The seminal paper describing the Conwell-Weisskopf theory did not appear in print until 1950, as it was deemed classified material. Meanwhile, Esther went on to a career largely in industry, working first at Bell Laboratories (1951 to 1952), and then at GTE laboratories until 1972. It was at GTE that she studied the effect of high electric fields on the transport of “hot” (or highly energetic) electrons in semiconductors. In fact, for one of my own research projects we were interested in understanding the transport of “hot” electrons in nanometer scale semiconductors, and we discovered that Esther had literally written the defining book on this topic some 30 years earlier!

In 1972, Esther returned to Rochester to work at Xerox, where she investigated the conduction of electrons in organic molecules, which had direct relevance to the xerographic process. After “retirement” from Xerox in 1998, Esther joined the chemistry department at Rochester, with an appointment in physics coming several years later.
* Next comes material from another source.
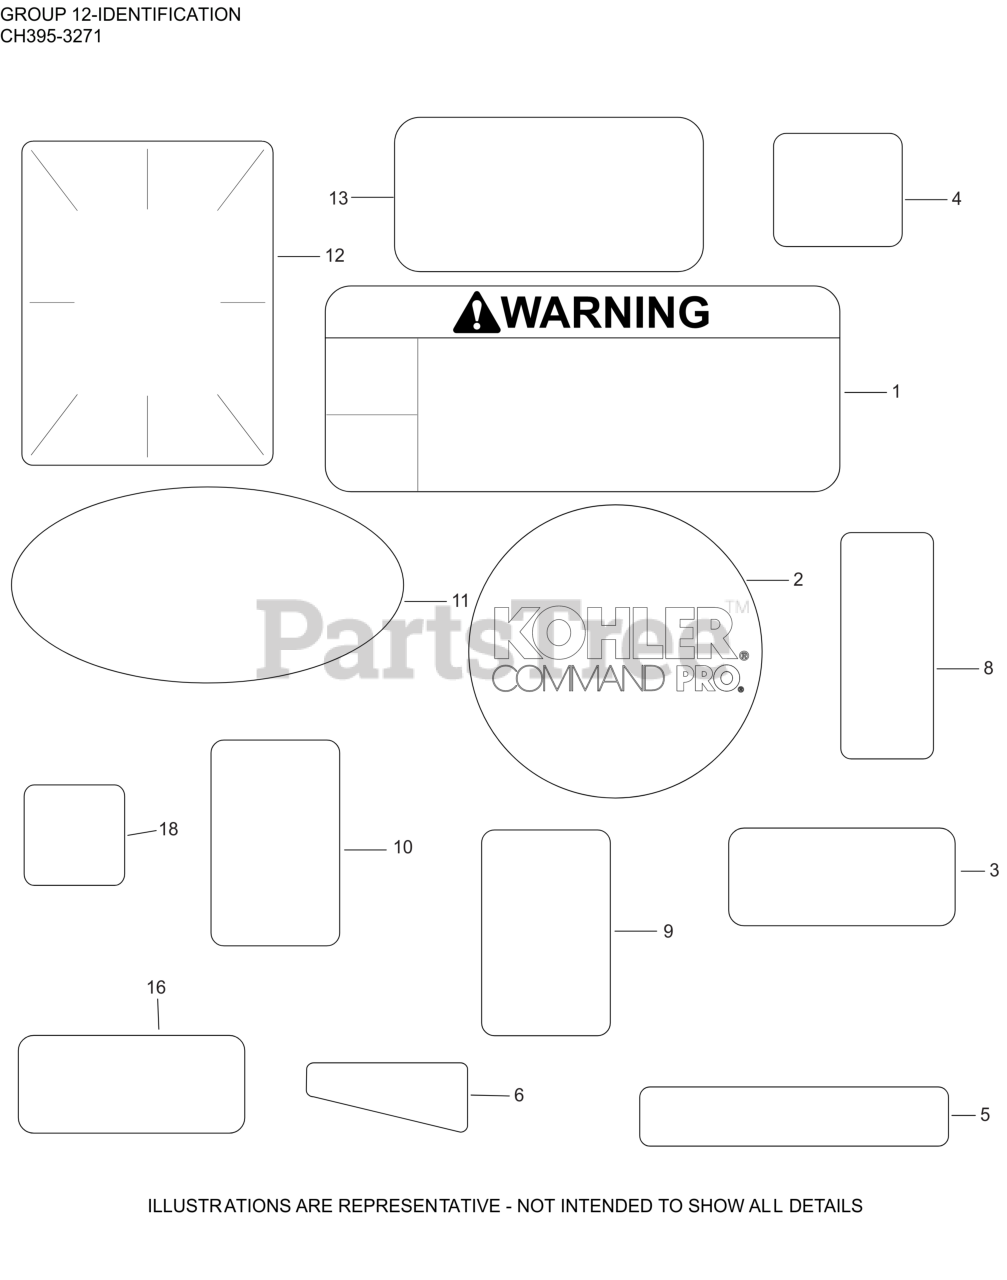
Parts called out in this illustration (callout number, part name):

At Rochester, she was interested in understanding the conduction of electrons through DNA molecules, and especially how the electrons would interact with the DNA molecular vibrations to create “polarons.”
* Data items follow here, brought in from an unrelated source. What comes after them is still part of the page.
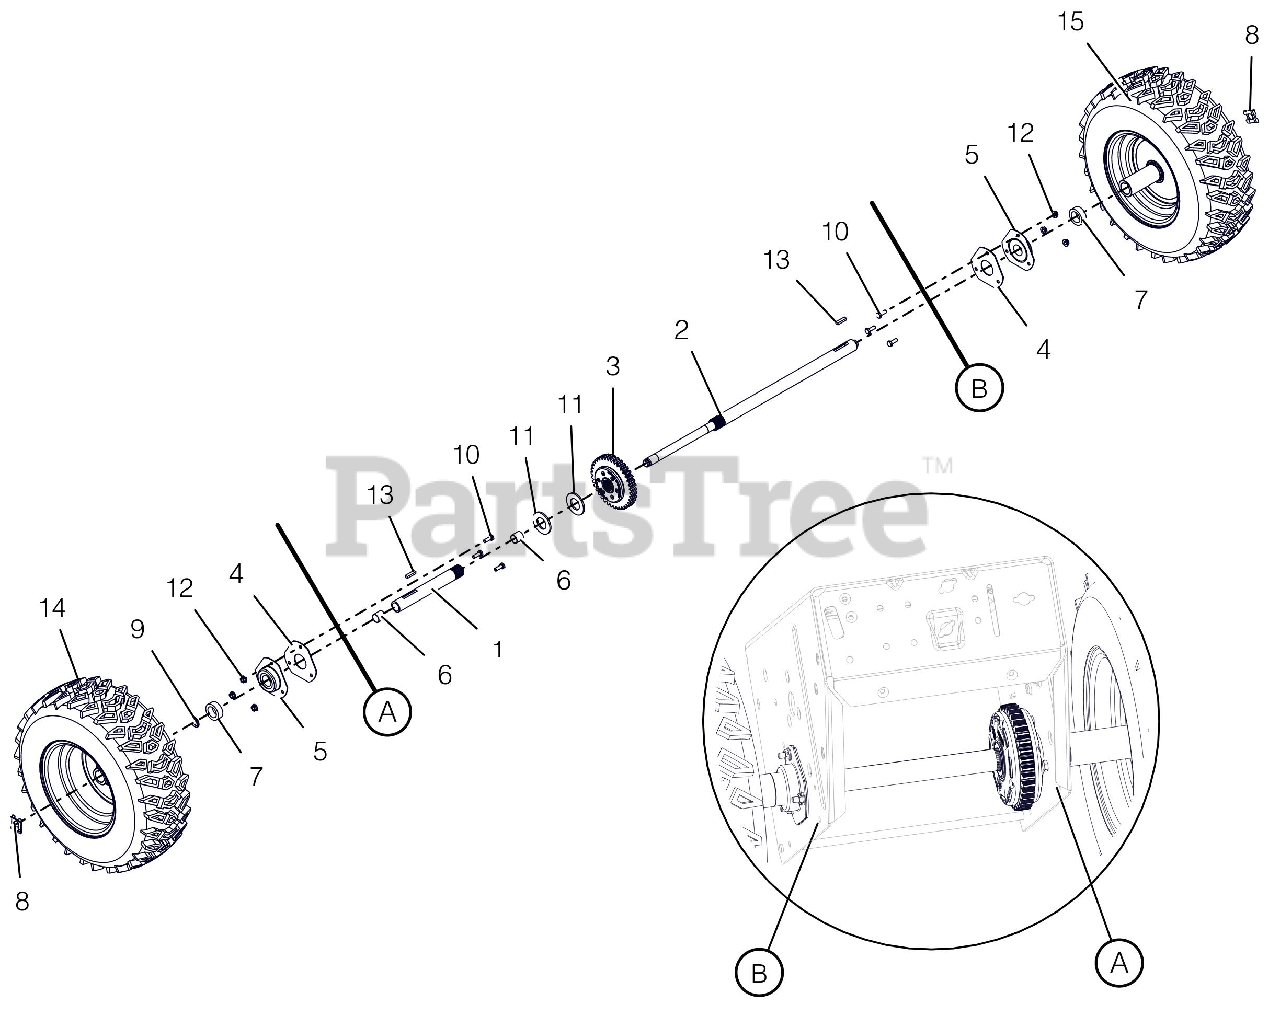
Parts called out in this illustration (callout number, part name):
1	AXLE, SHORT-AUTO W/BUSHINGS
2	AXLE, LONG-PRO AUTO DIFF
3	DIFFERENTIAL, AUTOMATIC
4	PLATE, BEARING SPACER
5	BRG-FLG 1.003/1.000 3 BOLT
6	BSHG-SLV .706X.764X.75 BRZ
7	SPACER, PRO AXLE BEARING
8	CLIP, SNAP .625 DIA
9	RG-RTNG-EXT .625X.042
10	@BLT-HEX .25-20X.75 GR5 YWZC
11	WSHR-FL-STL- 1.062X2.0X.134 YZ
12	@NUT-LK-CTR-FLG .25-20 YWZC
13	KEY-RECT .25X.188X1.00
14	TIRE/WHEEL,RH 16X6.5-8 DIFF T2
15	TIRE/WHEEL,LH 16X6.5-8 DIFF T2

Esther lived and breathed science. Her accomplishments earned her many accolades even before President Barack Obama honored her with the National Medal of Science. She was the only Rochester faculty member to be a member of the National Academies of Science and Engineering and a fellow of the American Academy of Arts and Sciences. In 1997, she received the Edison Medal. In 2011, the University awarded her an honorary doctorate.
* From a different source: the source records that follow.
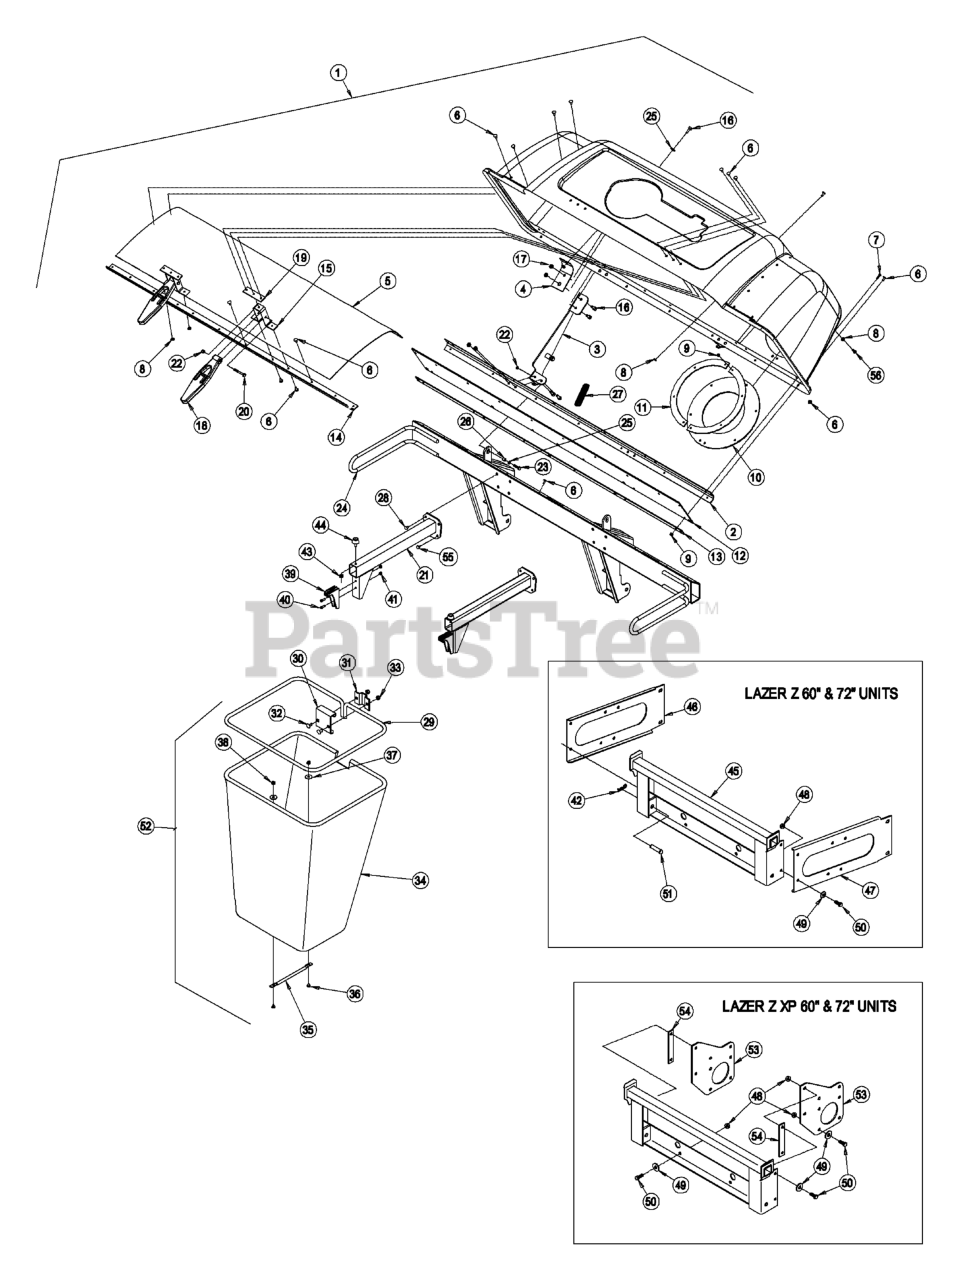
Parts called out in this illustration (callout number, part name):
1	ASM, HOOD
2	STIFFENER-BAGGER, TOP
3	HINGE ASM
4	REINFORCEMENT-HOOD, BAGGE
5	SCREEN-BAGGER
6	RIVET-BLIND
7	SCREW-HEAD, TRUSS
8	WASHER-FLAT
9	NUT-LOCK, NI
10	SEAL-TUBE
11	CLAMP-SEAL
12	SEAL-HINGE
13	PLATE-BACKING
14	SUPPORT-SCREEN
15	BRACKET-MOUNT
16	SCREW-HH
19	PLATE-LATCH, REINFORCEMEN
20	SCREW-HH
22	NUT-LOCK, NI
23	SCREW-HH
25	WASHER-FLAT
27	SPRING-EXTENSION
28	SCREW-HH
29	FRAME-BAG
30	HANGER-BAG
32	BOLT-CARR
33	NUT-LOCK, NI
35	HANDLE-BAG
36	BOLT-CARR
38	NUT-LOCK, NI
40	SCREW-PPH
42	PIN-COTTER
45	MOUNT-BAGGER
47	BRACKET-FRAME, RH
48	NUT-HHF, WHIZ
49	WASHER-BELLEVILLE
50	SCREW-HH
51	PIN-CLEVIS
53	PLATE-MOUNT, BAGGER
55	SCREW-HSBH
56	SCREW-PPH

When Esther died last November at the age of 92, she was still actively working, coming to her office almost daily. It is important to note that besides her scientific contributions, Esther’s lasting legacy will be her inspiration to women around the globe to enter the physical sciences. Often the only woman, at times unwelcomed, in a field ruled by males, Esther had to overcome countless barriers to achieve the success and recognition that she deserved.

—Todd Krauss


Krauss is chair of the Department of Chemistry at Rochester.